The goal of the Redo phase (recovery/redo.rs) is to restore the database to its exact state at the moment of the crash, including all changes from both committed and uncommitted (loser) transactions.

  1. The Redo phase finds the smallest recLSN from the Dirty Page Table built during Analysis. This LSN is the starting point for the redo scan.
  2. It scans the log forward from this starting point.
  3. For every log record it encounters that describes a physical change to a page (e.g., PageWrite, PageDelta, Heap*), it re-applies the change. This is idempotent: if the change is already present on the page (because it was successfully flushed to disk before the crash), re-applying it does no harm.

At the end of this phase, the database state on disk is identical to how it was in memory right before the crash.

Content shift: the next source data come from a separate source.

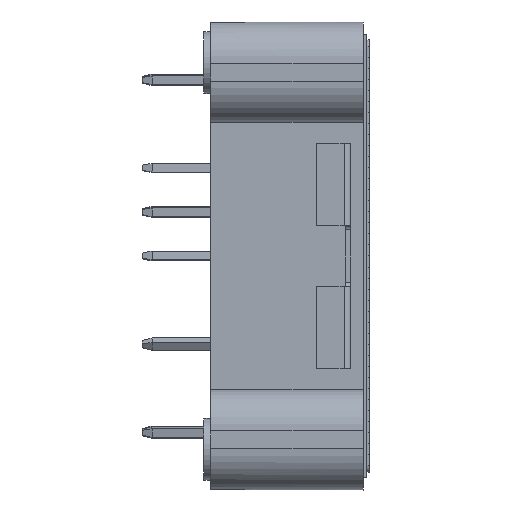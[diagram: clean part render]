
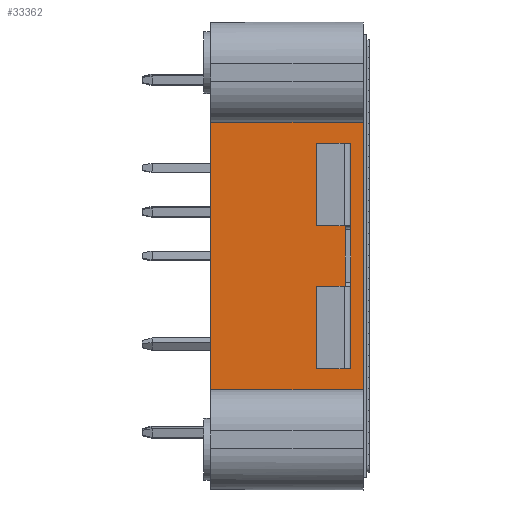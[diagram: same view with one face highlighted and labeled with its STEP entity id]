
A CAD part, left-side view. The second image highlights one B-rep face of the part: STEP entity #33362.
In plain terms, the highlighted planar face has unit normal (-1, 0, 0).
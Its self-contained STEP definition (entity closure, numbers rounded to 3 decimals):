
#16180=DIRECTION('',(0.,-1.,0.));
#16181=VECTOR('',#16180,19.4);
#16182=CARTESIAN_POINT('',(-20.5,9.7,11.5));
#16183=LINE('',#16182,#16181);
#16832=DIRECTION('',(0.,0.,-1.));
#16833=VECTOR('',#16832,11.1);
#16834=CARTESIAN_POINT('',(-20.5,9.7,11.5));
#16835=LINE('',#16834,#16833);
#16839=DIRECTION('',(0.,0.,1.));
#16840=VECTOR('',#16839,11.1);
#16841=CARTESIAN_POINT('',(-20.5,-9.7,0.4));
#16842=LINE('',#16841,#16840);
#16846=DIRECTION('',(0.,-1.,0.));
#16847=VECTOR('',#16846,19.4);
#16848=CARTESIAN_POINT('',(-20.5,9.7,0.4));
#16849=LINE('',#16848,#16847);
#29555=CARTESIAN_POINT('',(-20.5,-9.7,0.4));
#29556=CARTESIAN_POINT('',(-20.5,-9.7,11.5));
#29557=VERTEX_POINT('',#29555);
#29558=VERTEX_POINT('',#29556);
#29615=CARTESIAN_POINT('',(-20.5,9.7,11.5));
#29616=VERTEX_POINT('',#29615);
#31233=CARTESIAN_POINT('',(-20.5,9.7,0.4));
#31234=VERTEX_POINT('',#31233);
#33351=CARTESIAN_POINT('',(-20.5,0.,5.95));
#33352=DIRECTION('',(-1.,0.,0.));
#33353=DIRECTION('',(0.,1.,0.));
#33354=AXIS2_PLACEMENT_3D('',#33351,#33352,#33353);
#33355=PLANE('',#33354);
#33356=ORIENTED_EDGE('',*,*,#33337,.F.);
#33357=ORIENTED_EDGE('',*,*,#32726,.T.);
#33358=ORIENTED_EDGE('',*,*,#32775,.F.);
#33359=ORIENTED_EDGE('',*,*,#32817,.F.);
#33360=EDGE_LOOP('',(#33356,#33357,#33358,#33359));
#33361=FACE_OUTER_BOUND('',#33360,.F.);
#33362=ADVANCED_FACE('',(#33361),#33355,.T.);
#32726=EDGE_CURVE('',#29616,#29558,#16183,.T.);
#32775=EDGE_CURVE('',#29557,#29558,#16842,.T.);
#32817=EDGE_CURVE('',#31234,#29557,#16849,.T.);
#33337=EDGE_CURVE('',#29616,#31234,#16835,.T.);

Phase 3: Undo (Rolling Back Losers)

The final phase (recovery/undo.rs) is responsible for rolling back all the "loser" transactions identified during Analysis.

  1. The UndoExecutor takes the list of loser transactions.
  2. For each loser transaction, it scans the WAL backwards, following the chain of log records for that transaction.
  3. For each operation record (like HeapInsert, HeapUpdate), it performs the logical inverse operation:
    • To undo an Insert, it performs a Delete.
    • To undo a Delete, it restores the deleted data.
    • To undo an Update, it restores the data from before the update.
  4. Crucially, for every undo action it performs, it writes a Compensation Log Record (CLR) to the WAL. The CLR contains information about the undo action and, importantly, a pointer to the next log record that needs to be undone for that transaction.

This use of CLRs makes the recovery process itself crash-proof. If the system crashes during the undo phase, the next time recovery runs, it will see the CLRs. It will simply continue the undo process from where it left off by following the pointers in the CLRs, without ever having to undo an undo action.

3. Checkpoints

If the log were allowed to grow forever, recovery would become slower and slower. Checkpoints are a background process that periodically creates a point of partial durability.

A checkpoint does the following:

  1. Temporarily stops new transactions from starting.
  2. Writes a BEGIN_CHECKPOINT record to the WAL, containing the current ATT and DPT.
  3. Flushes all dirty pages from the buffer pool to disk.
  4. Writes an END_CHECKPOINT record to the WAL.

Once a checkpoint is complete, the RecoveryManager knows that all changes described in log records before the BEGIN_CHECKPOINT record are safely on disk. Therefore, those older parts of the WAL file are no longer needed for recovery and can be truncated or recycled, keeping the recovery process efficient.


For Study & Discussion

  1. Repeating History: The Redo phase re-applies changes from all transactions, including those that will be undone later (the "losers"). This seems wasteful. Why is this "repeating history" approach a core principle of ARIES? What would go wrong if we tried to only redo changes from committed transactions?

  2. Compensation Log Records (CLRs): What specific problem would occur if the system crashed during the Undo phase and we didn't write CLRs? How does a CLR's "redo-only" nature make the recovery process idempotent and robust against repeated crashes?

  3. Checkpointing Frequency: What are the performance trade-offs between checkpointing very frequently versus very infrequently? Consider both normal runtime performance and the time it takes to recover after a crash.

  4. Programming Exercise: Add a new WAL record type. For example, a HeapReclaim record that logs the physical removal of a dead tuple by a vacuum process. To do this, you would need to: a. Add a variant to the HeapRecordPayload enum in wal_record.rs. b. Update the codec functions to handle its serialization. c. Decide what information the HeapReclaim record needs to contain. d. Implement the redo logic for this new record in the appropriate ResourceManager. What should happen when you redo a HeapReclaim record?